**EXERCISE INSTRUCTIONS:** Set down, please, exactly the lines below that run from the line with "#12321 = VERTEX_POINT ( 'NONE', #10301 ) ;" to the line with "#12957 = DIRECTION", both lines included.

╭─ MATERIAL PROVIDED

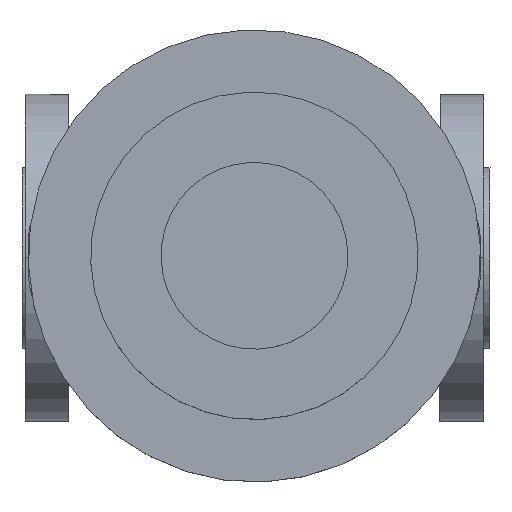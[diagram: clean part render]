
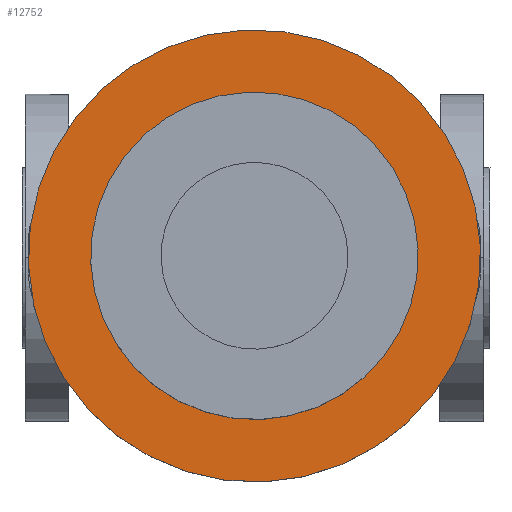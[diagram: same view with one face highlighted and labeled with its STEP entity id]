
A CAD part, top view. The second image highlights one B-rep face of the part: STEP entity #12752.
In plain terms, the highlighted planar face has unit normal (0, 0, 1).
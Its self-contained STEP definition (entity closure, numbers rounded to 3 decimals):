
#14 = FACE_BOUND ( 'NONE', #8382, .T. ) ;
#381 = EDGE_CURVE ( 'NONE', #12321, #19025, #15678, .T. ) ;
#1474 = FACE_OUTER_BOUND ( 'NONE', #8106, .T. ) ;
#1757 = CIRCLE ( 'NONE', #3013, 72.5 ) ;
#3013 = AXIS2_PLACEMENT_3D ( 'NONE', #8180, #3489, #12501 ) ;
#3318 = AXIS2_PLACEMENT_3D ( 'NONE', #18267, #4712, #4803 ) ;
#3489 = DIRECTION ( 'NONE',  ( 0., 0., 1. ) ) ;
#3691 = VERTEX_POINT ( 'NONE', #12627 ) ;
#4172 = ORIENTED_EDGE ( 'NONE', *, *, #6198, .F. ) ;
#4712 = DIRECTION ( 'NONE',  ( 0., 0., 1. ) ) ;
#4803 = DIRECTION ( 'NONE',  ( 1., 0., 0. ) ) ;
#5609 = DIRECTION ( 'NONE',  ( 1., 0., 0. ) ) ;
#6058 = ORIENTED_EDGE ( 'NONE', *, *, #14122, .T. ) ;
#6198 = EDGE_CURVE ( 'NONE', #19025, #12321, #8737, .T. ) ;
#6613 = ORIENTED_EDGE ( 'NONE', *, *, #381, .F. ) ;
#6714 = DIRECTION ( 'NONE',  ( 1., 0., 0. ) ) ;
#7059 = CARTESIAN_POINT ( 'NONE',  ( -52.115, 0., 304.1 ) ) ;
#8056 = AXIS2_PLACEMENT_3D ( 'NONE', #7059, #12957, #19174 ) ;
#8106 = EDGE_LOOP ( 'NONE', ( #6058, #13292 ) ) ;
#8180 = CARTESIAN_POINT ( 'NONE',  ( -52.115, 0., 304.1 ) ) ;
#8382 = EDGE_LOOP ( 'NONE', ( #6613, #4172 ) ) ;
#8402 = CARTESIAN_POINT ( 'NONE',  ( -52.115, 0., 304.1 ) ) ;
#8737 = CIRCLE ( 'NONE', #13116, 52.5 ) ;
#9527 = EDGE_CURVE ( 'NONE', #18376, #3691, #14019, .T. ) ;
#9691 = DIRECTION ( 'NONE',  ( 0., 0., 1. ) ) ;
#10301 = CARTESIAN_POINT ( 'NONE',  ( -72.225, 48.496, 304.1 ) ) ;
#12321 = VERTEX_POINT ( 'NONE', #10301 ) ;
#12501 = DIRECTION ( 'NONE',  ( -0.383, 0.924, 0. ) ) ;
#12627 = CARTESIAN_POINT ( 'NONE',  ( -79.886, 66.97, 304.1 ) ) ;
#12752 = ADVANCED_FACE ( 'NONE', ( #1474, #14 ), #13829, .T. ) ;
#12957 = DIRECTION ( 'NONE',  ( 0., 0., 1. ) ) ;
#13116 = AXIS2_PLACEMENT_3D ( 'NONE', #8402, #9691, #6714 ) ;
#13292 = ORIENTED_EDGE ( 'NONE', *, *, #9527, .T. ) ;
#13829 = PLANE ( 'NONE',  #3318 ) ;
#14019 = CIRCLE ( 'NONE', #8056, 72.5 ) ;
#14122 = EDGE_CURVE ( 'NONE', #3691, #18376, #1757, .T. ) ;
#14719 = CARTESIAN_POINT ( 'NONE',  ( -24.344, -66.97, 304.1 ) ) ;
#15678 = CIRCLE ( 'NONE', #18211, 52.5 ) ;
#15693 = CARTESIAN_POINT ( 'NONE',  ( -32.005, -48.496, 304.1 ) ) ;
#17605 = CARTESIAN_POINT ( 'NONE',  ( -52.115, 0., 304.1 ) ) ;
#18211 = AXIS2_PLACEMENT_3D ( 'NONE', #17605, #19085, #5609 ) ;
#18267 = CARTESIAN_POINT ( 'NONE',  ( -72.838, 49.974, 304.1 ) ) ;
#18376 = VERTEX_POINT ( 'NONE', #14719 ) ;
#19025 = VERTEX_POINT ( 'NONE', #15693 ) ;
#19085 = DIRECTION ( 'NONE',  ( 0., 0., 1. ) ) ;
#19174 = DIRECTION ( 'NONE',  ( -0.383, 0.924, 0. ) ) ;

╰─

**EXERCISE RESULT:**
#12321 = VERTEX_POINT ( 'NONE', #10301 ) ;
#12501 = DIRECTION ( 'NONE',  ( -0.383, 0.924, 0. ) ) ;
#12627 = CARTESIAN_POINT ( 'NONE',  ( -79.886, 66.97, 304.1 ) ) ;
#12752 = ADVANCED_FACE ( 'NONE', ( #1474, #14 ), #13829, .T. ) ;
#12957 = DIRECTION ( 'NONE',  ( 0., 0., 1. ) ) ;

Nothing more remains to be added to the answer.